# EXE starten



## Newbi (15. Feb 2004)

Hallo ich alle scripte ausprobirt aber keins lief bei mir immer fehlet entweder ein ";" oder "´)" 
neija ich möcht ein java script in meinen Hompage einbinden so das automatich einen Exe datei gestarten wid Die exe ist im selben ordner wie die page oder in einen unterordner der sich "A" nennt die exe heißt dan schlicht "A.EXE". 
Könnt ihr mir helfen dieses problem zu lösen. 
ps Bin völlig neu auf diesem gebit und habe keine Kenntnise 
MFG 
Robin Imhof


----------



## hephaistos (15. Feb 2004)

hallo,

auch wenn du ein js findest, geht das nicht so einfach, da ein browser das natürlich meldet -> eh klar, sonst könnte man ALLE Daten des Users auslesen, sachen installieren etc...

ciao


----------



## Newbi (15. Feb 2004)

könnte man das irgendwie vielleicht doch machen weil ich wollte meine Frunde etwas ärgern.
mfg
Robin


----------



## tomkruse (16. Feb 2004)

Hi!

Das geht so nicht. Sonst könnte ja jeder eine Exe in seine Homepage einbauen um Leute zu ärgern. Stell Dir vor, Du gehst nichtsahnend auf eine Website und von dort aus wird eine Exe auf Deinen Rechner kopiert, die Dir beim Netbanking über die Schulter sieht und all Deine Codes mitprotokolliert ... nicht auszudenken wenn sowas möglich wäre!

Cu - Tom.


----------



## bygones (16. Feb 2004)

*kopfkratz*

weswegen sonst sollte man eine exe datei auf seine hp stellen - dubios  ???:L  :?:


----------



## Newbi (16. Feb 2004)

Das kann ich euch sagen ich will meinem kumpel den Rechner runterfahren


----------



## bygones (16. Feb 2004)

weiß er das auch  :wink: 

nein ernsthaft - das wird nicht so einfach gehen - also auf alle Fälle nicht mit JavaScript !


----------



## Campino (17. Feb 2004)

Es stand bestimmt schon hundert mal hier:
JAVA != JAVASCRIPT

oder für Basic-programmierer:

JAVA <>JAVASCRIPT

Deine Frage hat hier also *eigentlich* nichts zu suchen...

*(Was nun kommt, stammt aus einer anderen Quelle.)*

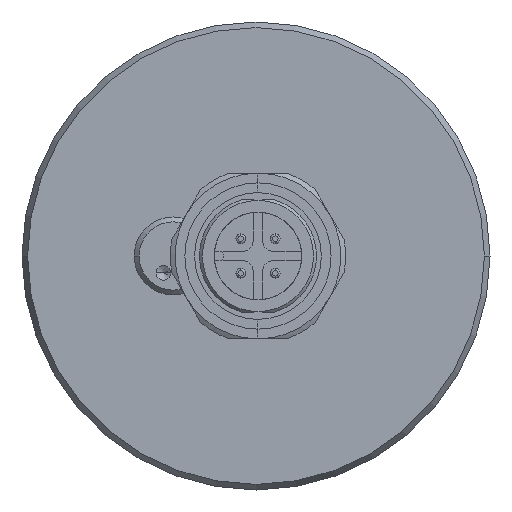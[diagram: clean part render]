
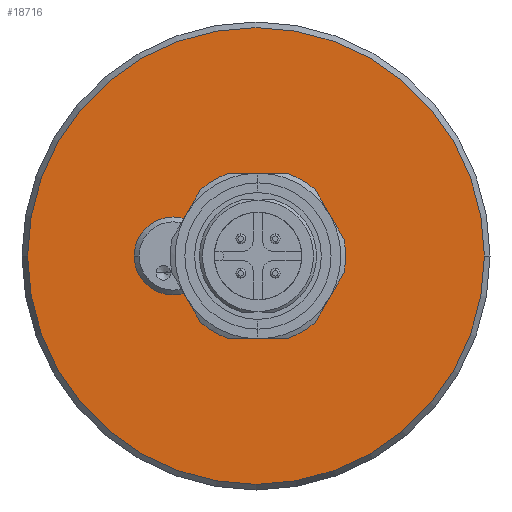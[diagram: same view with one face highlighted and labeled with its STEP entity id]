
A CAD part, left-side view. The second image highlights one B-rep face of the part: STEP entity #18716.
In plain terms, the highlighted planar face has unit normal (-1, 0, 0).
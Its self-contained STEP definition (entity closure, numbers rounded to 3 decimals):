
#6088=CARTESIAN_POINT('',(0.,0.,
0.));
#6089=DIRECTION('',(-1.,0.,0.));
#6090=DIRECTION('',(0.,1.,0.));
#6091=AXIS2_PLACEMENT_3D('',#6088,#6089,#6090);
#6093=CARTESIAN_POINT('',(0.,0.,
0.));
#6094=DIRECTION('',(-1.,0.,0.));
#6095=DIRECTION('',(0.,-1.,0.));
#6096=AXIS2_PLACEMENT_3D('',#6093,#6094,#6095);
#6098=CARTESIAN_POINT('',(0.,8.5,0.));
#6099=DIRECTION('',(1.,0.,0.));
#6100=DIRECTION('',(0.,1.,0.));
#6101=AXIS2_PLACEMENT_3D('',#6098,#6099,#6100);
#6103=CARTESIAN_POINT('',(0.,8.5,0.));
#6104=DIRECTION('',(1.,0.,0.));
#6105=DIRECTION('',(0.,-1.,0.));
#6106=AXIS2_PLACEMENT_3D('',#6103,#6104,#6105);
#6108=CARTESIAN_POINT('',(0.,0.,0.));
#6109=DIRECTION('',(-1.,0.,0.));
#6110=DIRECTION('',(0.,0.,1.));
#6111=AXIS2_PLACEMENT_3D('',#6108,#6109,#6110);
#6113=CARTESIAN_POINT('',(0.,0.,0.));
#6114=DIRECTION('',(-1.,0.,0.));
#6115=DIRECTION('',(0.,0.,-1.));
#6116=AXIS2_PLACEMENT_3D('',#6113,#6114,#6115);
#6812=CARTESIAN_POINT('',(0.,23.422,0.));
#6813=CARTESIAN_POINT('',(0.,-23.422,0.));
#6814=VERTEX_POINT('',#6812);
#6815=VERTEX_POINT('',#6813);
#6908=CARTESIAN_POINT('',(0.,12.5,0.));
#6909=CARTESIAN_POINT('',(0.,4.5,0.));
#6910=VERTEX_POINT('',#6908);
#6911=VERTEX_POINT('',#6909);
#8520=CARTESIAN_POINT('',(0.,0.,2.55));
#8521=CARTESIAN_POINT('',(0.,0.,-2.55));
#8522=VERTEX_POINT('',#8520);
#8523=VERTEX_POINT('',#8521);
#18694=CARTESIAN_POINT('',(0.,0.,0.));
#18695=DIRECTION('',(-1.,0.,0.));
#18696=DIRECTION('',(0.,1.,0.));
#18697=AXIS2_PLACEMENT_3D('',#18694,#18695,#18696);
#18698=PLANE('',#18697);
#18700=ORIENTED_EDGE('',*,*,#18699,.F.);
#18702=ORIENTED_EDGE('',*,*,#18701,.F.);
#18703=EDGE_LOOP('',(#18700,#18702));
#18704=FACE_OUTER_BOUND('',#18703,.F.);
#18706=ORIENTED_EDGE('',*,*,#18705,.F.);
#18708=ORIENTED_EDGE('',*,*,#18707,.F.);
#18709=EDGE_LOOP('',(#18706,#18708));
#18710=FACE_BOUND('',#18709,.F.);
#18711=ORIENTED_EDGE('',*,*,#18677,.T.);
#18713=ORIENTED_EDGE('',*,*,#18712,.T.);
#18714=EDGE_LOOP('',(#18711,#18713));
#18715=FACE_BOUND('',#18714,.F.);
#18716=ADVANCED_FACE('',(#18704,#18710,#18715),#18698,.T.);
#6092=CIRCLE('',#6091,23.422);
#6097=CIRCLE('',#6096,23.422);
#6102=CIRCLE('',#6101,4.);
#6107=CIRCLE('',#6106,4.);
#6112=CIRCLE('',#6111,2.55);
#6117=CIRCLE('',#6116,2.55);
#18677=EDGE_CURVE('',#8522,#8523,#6112,.T.);
#18699=EDGE_CURVE('',#6814,#6815,#6092,.T.);
#18701=EDGE_CURVE('',#6815,#6814,#6097,.T.);
#18705=EDGE_CURVE('',#6910,#6911,#6102,.T.);
#18707=EDGE_CURVE('',#6911,#6910,#6107,.T.);
#18712=EDGE_CURVE('',#8523,#8522,#6117,.T.);

Aber eine .exe starten ist *fast* kein Problem:

 :arrow: Binde doch nenn ActiveX-Steuerelement ein(ActiveX ist Microsofts Antwort auf Applets, hat also zigtausend Sicherheitslücken :wink: , ist nicht Plattformunabhängig und auch so sch***, aber dafür sollte es reichen). Eventuell muss man fürs runterfahren des Rechners irgend eins von Microsofts Lieblingsprodukten(Sicherheitslücken)    nutzen, aber frag dich mal rum inne Hackerszene. Ärgerlich nur, wenn dein Kumpel Linux hat...(...aber dann bringt dir ne .exe eh nichts...)


----------